Le rapport Vedel sur la situation de l'enseignement privé sera remis officiellement lundi au ministre de l'Éducation nationale. On connaît déjà ses conclusions : plus de la moitié des quelque 10 000 écoles privées sous contrat sont dans un état préoccupant de vétusté, et le coût global de leur remise en état est de plusieurs milliards de francs (nos éditions d'hier).

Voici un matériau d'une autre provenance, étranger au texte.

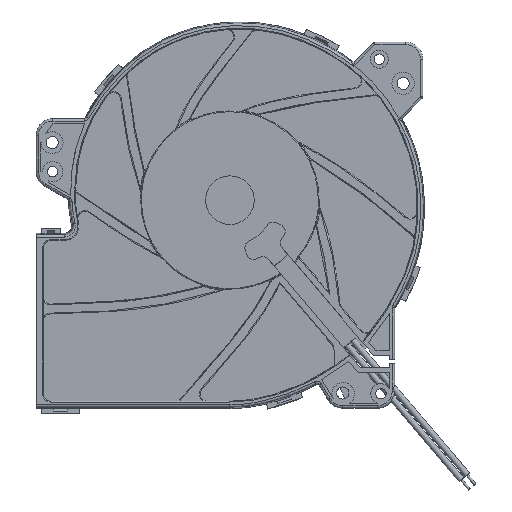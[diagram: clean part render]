
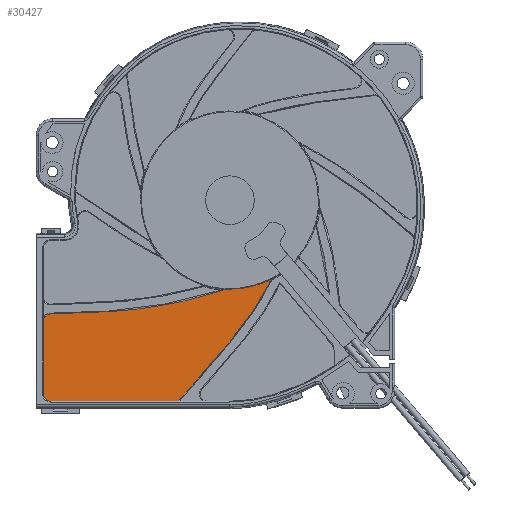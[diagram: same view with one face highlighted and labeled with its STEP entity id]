
A CAD part, front view. The second image highlights one B-rep face of the part: STEP entity #30427.
In plain terms, the highlighted planar face has unit normal (0, -1, 0).
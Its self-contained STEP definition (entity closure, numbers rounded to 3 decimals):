
#10185=CARTESIAN_POINT('',(15.995,-19.8,-33.661));
#10186=DIRECTION('',(0.,1.,0.));
#10187=DIRECTION('',(-0.429,0.,0.903));
#10188=AXIS2_PLACEMENT_3D('',#10185,#10186,#10187);
#10190=CARTESIAN_POINT('',(16.443,-19.8,-33.883));
#10191=CARTESIAN_POINT('',(16.279,-19.8,-34.212));
#10192=CARTESIAN_POINT('',(14.443,-19.8,-37.854));
#10193=CARTESIAN_POINT('',(10.096,-19.8,-45.397));
#10194=CARTESIAN_POINT('',(1.228,-19.8,-57.105));
#10195=CARTESIAN_POINT('',(-9.576,-19.8,-69.81));
#10196=CARTESIAN_POINT('',(-17.58,-19.8,-78.741));
#10197=CARTESIAN_POINT('',(-21.341,-19.8,-82.96));
#10199=DIRECTION('',(-1.,0.,0.));
#10200=VECTOR('',#10199,52.569);
#10201=CARTESIAN_POINT('',(-21.341,-19.8,-82.96));
#10202=LINE('',#10201,#10200);
#10203=CARTESIAN_POINT('',(-73.91,-19.8,-79.96));
#10204=DIRECTION('',(0.,1.,0.));
#10205=DIRECTION('',(0.,0.,-1.));
#10206=AXIS2_PLACEMENT_3D('',#10203,#10204,#10205);
#10208=DIRECTION('',(0.,0.,1.));
#10209=VECTOR('',#10208,30.069);
#10210=CARTESIAN_POINT('',(-76.91,-19.8,-79.96));
#10211=LINE('',#10210,#10209);
#10212=CARTESIAN_POINT('',(-73.91,-19.8,-49.891));
#10213=DIRECTION('',(0.,1.,0.));
#10214=DIRECTION('',(-1.,0.,0.));
#10215=AXIS2_PLACEMENT_3D('',#10212,#10213,#10214);
#10217=CARTESIAN_POINT('',(-74.013,-19.8,-46.893));
#10218=CARTESIAN_POINT('',(-71.632,-19.8,-46.811));
#10219=CARTESIAN_POINT('',(-62.269,-19.8,-46.515));
#10220=CARTESIAN_POINT('',(-47.382,-19.8,-46.136));
#10221=CARTESIAN_POINT('',(-25.569,-19.8,-43.344));
#10222=CARTESIAN_POINT('',(-10.934,-19.8,-39.783));
#10223=CARTESIAN_POINT('',(-1.647,-19.8,-36.762));
#10225=CARTESIAN_POINT('',(-1.493,-19.8,-37.238));
#10226=DIRECTION('',(0.,1.,0.));
#10227=DIRECTION('',(-0.309,0.,0.951));
#10228=AXIS2_PLACEMENT_3D('',#10225,#10226,#10227);
#10230=CARTESIAN_POINT('',(0.,-19.8,0.));
#10231=DIRECTION('',(0.,-1.,0.));
#10232=DIRECTION('',(-0.04,0.,-0.999));
#10233=AXIS2_PLACEMENT_3D('',#10230,#10231,#10232);
#13488=CARTESIAN_POINT('',(-73.91,-19.8,-82.96));
#13489=VERTEX_POINT('',#13488);
#13490=CARTESIAN_POINT('',(-21.341,-19.8,-82.96));
#13491=VERTEX_POINT('',#13490);
#13568=CARTESIAN_POINT('',(15.78,-19.8,-33.209));
#13569=VERTEX_POINT('',#13568);
#13570=CARTESIAN_POINT('',(-1.473,-19.8,-36.738));
#13571=VERTEX_POINT('',#13570);
#13629=CARTESIAN_POINT('',(16.443,-19.8,-33.883));
#13630=VERTEX_POINT('',#13629);
#13654=CARTESIAN_POINT('',(-76.91,-19.8,-79.96));
#13655=VERTEX_POINT('',#13654);
#13656=CARTESIAN_POINT('',(-76.91,-19.8,-49.891));
#13657=VERTEX_POINT('',#13656);
#13658=CARTESIAN_POINT('',(-74.013,-19.8,-46.893));
#13659=VERTEX_POINT('',#13658);
#13660=VERTEX_POINT('',#10223);
#30407=CARTESIAN_POINT('',(0.,-19.8,0.));
#30408=DIRECTION('',(0.,-1.,0.));
#30409=DIRECTION('',(1.,0.,0.));
#30410=AXIS2_PLACEMENT_3D('',#30407,#30408,#30409);
#30411=PLANE('',#30410);
#30412=ORIENTED_EDGE('',*,*,#30398,.T.);
#30414=ORIENTED_EDGE('',*,*,#30413,.T.);
#30415=ORIENTED_EDGE('',*,*,#29972,.T.);
#30416=ORIENTED_EDGE('',*,*,#30195,.T.);
#30417=ORIENTED_EDGE('',*,*,#30212,.T.);
#30419=ORIENTED_EDGE('',*,*,#30418,.T.);
#30421=ORIENTED_EDGE('',*,*,#30420,.T.);
#30423=ORIENTED_EDGE('',*,*,#30422,.T.);
#30424=ORIENTED_EDGE('',*,*,#30385,.T.);
#30425=EDGE_LOOP('',(#30412,#30414,#30415,#30416,#30417,#30419,#30421,#30423,
#30424));
#30426=FACE_OUTER_BOUND('',#30425,.F.);
#30427=ADVANCED_FACE('',(#30426),#30411,.T.);
#10189=CIRCLE('',#10188,0.5);
#10198=B_SPLINE_CURVE_WITH_KNOTS('',3,(#10190,#10191,#10192,#10193,#10194,
#10195,#10196,#10197),.UNSPECIFIED.,.F.,.F.,(4,1,1,1,1,4),(0.,
0.018,0.199,0.425,0.73,1.),
.UNSPECIFIED.);
#10207=CIRCLE('',#10206,3.);
#10216=CIRCLE('',#10215,3.);
#10224=B_SPLINE_CURVE_WITH_KNOTS('',3,(#10217,#10218,#10219,#10220,#10221,
#10222,#10223),.UNSPECIFIED.,.F.,.F.,(4,1,1,1,4),(0.,0.099,
0.387,0.61,1.),.UNSPECIFIED.);
#10229=CIRCLE('',#10228,0.5);
#10234=CIRCLE('',#10233,36.768);
#29972=EDGE_CURVE('',#13491,#13489,#10202,.T.);
#30195=EDGE_CURVE('',#13489,#13655,#10207,.T.);
#30212=EDGE_CURVE('',#13655,#13657,#10211,.T.);
#30385=EDGE_CURVE('',#13571,#13569,#10234,.T.);
#30398=EDGE_CURVE('',#13569,#13630,#10189,.T.);
#30413=EDGE_CURVE('',#13630,#13491,#10198,.T.);
#30418=EDGE_CURVE('',#13657,#13659,#10216,.T.);
#30420=EDGE_CURVE('',#13659,#13660,#10224,.T.);
#30422=EDGE_CURVE('',#13660,#13571,#10229,.T.);

Que va-t-il se passer ? Les propos de François Bayrou laissent espérer une reprise prochaine du débat parlementaire sur la loi Falloux. Mais il semble peu probable que la réforme puisse aboutir avant la fin de la session en cours, le 20 décembre, même dans l'hypothèse la plus favorable – celle où le gouvernement s'en tiendrait au texte Bourg-Broc adopté avant les vacances et demanderait la procédure d'urgence : les parlementaire de gauche ont montré qu'ils excellaient dans les manœuvres dilatoires. Et l'inscription à une session extraordinaire est peu vraisemblable en raison de l'opposition de l'Élysée. Il faudra sans doute attendre la session de printemps, qui commence le 2 avril. Avec une certitude : le rapport Vedel n'est pas parvenu à "apaiser les esprits". Le père Cloupet, secrétaire général de l'enseignement catholique, et Guy Le Néouannic, secrétaire général de la FEN, présentent leur point de vue au Figaro.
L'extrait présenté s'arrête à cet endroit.